We intend to explore America's energy situation as we ski the crest of the Brooks Range, from the Canadian Border to the Alaskan Pipeline and Pruedoe Bay oilfield.
Our planned route is 300 miles of rugged ridgeline that separates tundra and the arctic from the more friendly Boreal forests. Our trip is expected to require 40 days of cold winds off the Arctic sea ice, unskiied terrain and whiteouts. Along the way, we will send out dispatches from the trip.
Our mission is to look at the need for further developing the North Slope of Alaska, from the environmental, economic and sovereignty (both national and state) perspectives.

Tuesday, March 2, 2010

Mount Baker

Descending the rock slabs on Mt. Stanley is just a slow process.

90% of my time anymore seems like I am driving to some worksite. Long drive, usually not too long a job. When I was climbing all the time, a slower pace was second nature. I am too used to a faster pace. It took a conscious effort to accept reality. For here, in the Ruwenzori, walking is the speed. These guys have all ridden in cars. I would think they will occasionally rent one. But, down, down, down, ever so slowly, is a challenge to my 'making peace with it' department.
Just keep in mind, "And, this too, shall end."

Eventually, there is the Elena Hut. We took 45 minutes there and continued on our way down. Our night's resting place was the Kitandara Huts, on the shore of the lakes of the same name.
For a place with such a fierce rep for rain, we have seen a tremendous amount of good weather. Not southern California good weather. More like Glacier Bay, Alaska good weather. Still, good enough weather to consider doing some rock climbing here.



The west wall of Mt. Baker is no slope you would ever think you could walk up. It is closer to a big wall, than it is to a crag. There may be a route where you would be scrambling after 600' of steep rock climbing, but not many.
Vittorio really had me going, when, in an 'aha!' moment, I asked, wide eyed, if the waterfalls we were surrounded by ever froze? A thousand foot waterfall is ordinary here. There are plenty of bigger ones. Imagine ice routes on the Equator! I found out later, from the boss of the Ruwenzori Mountaineering Services, that, no, they don't freeze. Just atmospheric ice- rime ice. I'm not going to fly 18 hours for patches of rime.

But I could be encouraged to throw in a pretty good rack for a climb on the W. face of Baker. And a traverse of Speke. And a long ridge traverse of Margherita and Alexander.

So, you Ruwenzori vets out there, (I know there are none- nobody goes to the R. and, then,  nobody reads this. The odds would be astronomical. I can tell all the lies I want.) I hope I may be excused for considering rock climbs on the large West Face of Mount Baker. I can only imagine what it would be like in rain. The gear list would require wetsuits and a chisel and hooks.
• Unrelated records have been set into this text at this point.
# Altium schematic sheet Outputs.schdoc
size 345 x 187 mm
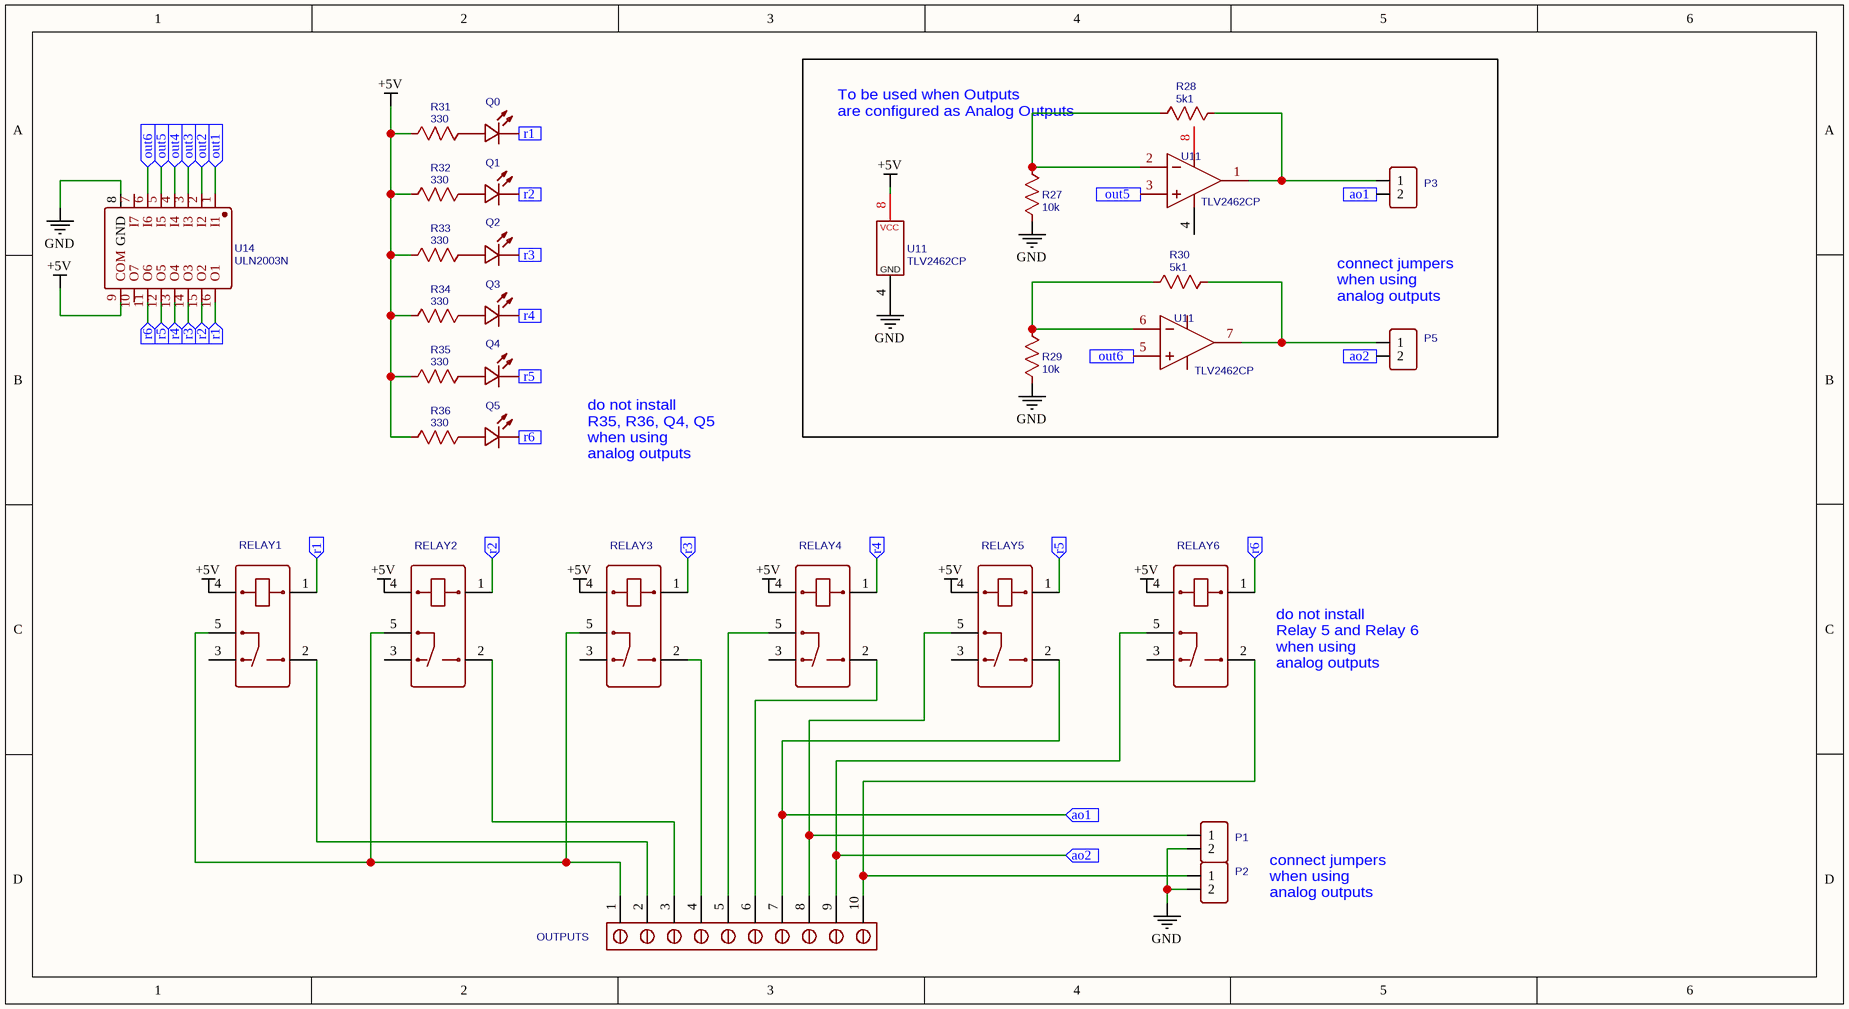
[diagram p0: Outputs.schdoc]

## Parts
(Parts that share a designator on the sheet are numbered #1, #2 ... from top to bottom, then left to right.)
OUTPUTS  TB008A-508-10BE  [TB008A-508-10BE]  (value not drawn)
P1  Header-Female-2.54_1x2  [HDR-1X2/2.54]  (value not drawn)
P2  Header-Female-2.54_1x2  [HDR-1X2/2.54]  (value not drawn)
P3  Header-Female-2.54_1x2  [HDR-1X2/2.54]  (value not drawn)
P5  Header-Female-2.54_1x2  [HDR-1X2/2.54]  (value not drawn)
Q0  204-10SURD/S530-A3  [LED-3MM/2.54]  (value not drawn)
Q1  204-10SURD/S530-A3  [LED-3MM/2.54]  (value not drawn)
Q2  204-10SURD/S530-A3  [LED-3MM/2.54]  (value not drawn)
Q3  204-10SURD/S530-A3  [LED-3MM/2.54]  (value not drawn)
Q4  204-10SURD/S530-A3  [LED-3MM/2.54]  (value not drawn)
Q5  204-10SURD/S530-A3  [LED-3MM/2.54]  (value not drawn)
R27  10k  [AXIAL-0.3]
R28  5k1  [AXIAL-0.3]
R29  10k  [AXIAL-0.3]
R30  5k1  [AXIAL-0.3]
R31  330  [AXIAL-0.3]
R32  330  [AXIAL-0.3]
R33  330  [AXIAL-0.3]
R34  330  [AXIAL-0.3]
R35  330  [AXIAL-0.3]
R36  330  [AXIAL-0.3]
RELAY1  SRD-05VDC-SL-C  [RELAY-SL-SRD]  (value not drawn)
RELAY2  SRD-05VDC-SL-C  [RELAY-SL-SRD]  (value not drawn)
RELAY3  SRD-05VDC-SL-C  [RELAY-SL-SRD]  (value not drawn)
RELAY4  SRD-05VDC-SL-C  [RELAY-SL-SRD]  (value not drawn)
RELAY5  SRD-05VDC-SL-C  [RELAY-SL-SRD]  (value not drawn)
RELAY6  SRD-05VDC-SL-C  [RELAY-SL-SRD]  (value not drawn)
U11#1  TLV2462CP  [DIP-8_L9.8-W6.6-P2.54-LS7.6-BL]
U11#2  TLV2462CP  [DIP-8_LS7.62-L9.78-W6.60-PITCH2.54]
U11#3  TLV2462CP  [DIP-8_L9.8-W6.6-P2.54-LS7.6-BL]
U14  ULN2003N  [DIP-16_16P-LS7.62-L19.6-W7.7-P2.54-BL]

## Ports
ao1 (in), ao2 (in), out1 (in), out2 (in), out3 (in), out4 (in), out5 (in), out6 (in), r1 (in), r2 (in), r3 (in), r4 (in), r5 (in), r6 (in)

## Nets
+5V: R31.1 R32.1 R33.1 R34.1 R35.1 R36.1 RELAY1.4 RELAY2.4 RELAY3.4 RELAY4.4 RELAY5.4 RELAY6.4 U11#2.8(VCC) U14.9(COM)
GND: P1.2 P2.2 R27.1 R29.1 U11#2.4(GND) U14.8(GND)
ao1: OUTPUTS.7 P3.2 RELAY5.2 ; port ao1
ao2: OUTPUTS.9 P5.2 RELAY6.5 ; port ao2
out1: U14.1(I1) ; port out1
out2: U14.2(I2) ; port out2
out3: U14.3(I3) ; port out3
out4: U14.4(I4) ; port out4
out5: U11#1.3(IN1(+)) U14.5(I5) ; port out5
out6: U11#3.5(IN2(+)) U14.6(I6) ; port out6
r1: Q0.2(K) RELAY1.1 U14.16(O1) ; port r1
r2: Q1.2(K) RELAY2.1 U14.15(O2) ; port r2
r3: Q2.2(K) RELAY3.1 U14.14(O3) ; port r3
r4: Q3.2(K) RELAY4.1 U14.13(O4) ; port r4
r5: Q4.2(K) RELAY5.1 U14.12(O5) ; port r5
r6: Q5.2(K) RELAY6.1 U14.11(O6) ; port r6
NetOUTPUTS_1: OUTPUTS.1 RELAY1.5 RELAY2.5 RELAY3.5
NetOUTPUTS_2: OUTPUTS.2 RELAY1.2
NetOUTPUTS_3: OUTPUTS.3 RELAY2.2
NetOUTPUTS_4: OUTPUTS.4 RELAY3.2
NetOUTPUTS_5: OUTPUTS.5 RELAY4.5
NetOUTPUTS_6: OUTPUTS.6 RELAY4.2
NetOUTPUTS_8: OUTPUTS.8 P1.1 RELAY5.5
NetOUTPUTS_10: OUTPUTS.10 P2.1 RELAY6.2
NetP3_1: P3.1 R28.1 U11#1.1(OUT1)
NetP5_1: P5.1 R30.1 U11#3.7(OUT2)
NetQ0_1: Q0.1(A) R31.2
NetQ1_1: Q1.1(A) R32.2
NetQ2_1: Q2.1(A) R33.2
NetQ3_1: Q3.1(A) R34.2
NetQ4_1: Q4.1(A) R35.2
NetQ5_1: Q5.1(A) R36.2
NetR27_2: R27.2 R28.2 U11#1.2(IN1(-))
NetR29_2: R29.2 R30.2 U11#3.6(IN2(-))

Not connected (* = marked no-connect by the designer): RELAY1 3; RELAY2 3; RELAY3 3; RELAY4 3; RELAY5 3; RELAY6 3; U11#1 4(GND) 8(VCC); U14 7(I7) 10(O7)

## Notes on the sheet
- (near U11#2) To be used when Outputs
  are configured as Analog Outputs
- (near P5) connect jumpers
  when using
  analog outputs
- do not install
  R35, R36, Q4, Q5
  when using
  analog outputs
- (near RELAY6) do not install
  Relay 5 and Relay 6
  when using
  analog outputs
- connect jumpers
  when using
  analog outputs

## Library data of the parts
OUTPUTS = TB008A-508-10BE: BOM_Manufacturer: CUI; Contributor: nexosrl
P1-P3 P5 = Header-Female-2.54_1x2: BOM_Manufacturer: BOOMELE; BOM_Manufacturer Part: 2.54-1*2PFemale
Q0-Q5 = 204-10SURD/S530-A3: BOM_Manufacturer: EVERLIGHT
R27 R29 = 10k: nameAlias: Value(Ω)
R28 R30 = 5k1: nameAlias: Value(Ω)
R31-R36 = 330: nameAlias: Value(Ω)
RELAY1-RELAY6 = SRD-05VDC-SL-C: BOM_Manufacturer: SONGLE
U11#1 = TLV2462CP: BOM_Manufacturer: TI; subpart_no: 2; Package Display: No
U11#2 = TLV2462CP: BOM_Manufacturer: TI; subpart_no: 1
U11#3 = TLV2462CP: BOM_Manufacturer: TI; subpart_no: 3; Package Display: No
U14 = ULN2003N: BOM_Manufacturer: HGSEMI; Contributor: LCSC

There would be plenty of features routes would follow where a guy could drown. The slabs on the southern end of the wall, towards the lakes, would be pretty tough in the wet. On the northern end of the 2mile(?) long wall is steeper terrain, better suited to climbing in the rain.

However, I really like the idea of coming home to a hut after a day on the crags. Considering how wet everything would get in a tent, after a week in a wet basecamp. Maybe the next trip should include a clothes dryer, one of those salad shooter style rigs.

Needless to say, my time between The Elena Hut and the Kitandara Huts passed very pleasantly, considering the tactics needed to climb the routes I saw before me made for pleasant amusement.

The hut is spectacularly situated well within view of the lake, right off the front porch. The lakes are beautiful, yet still at 13-some thousand feet. Again, every day is a bell ringer.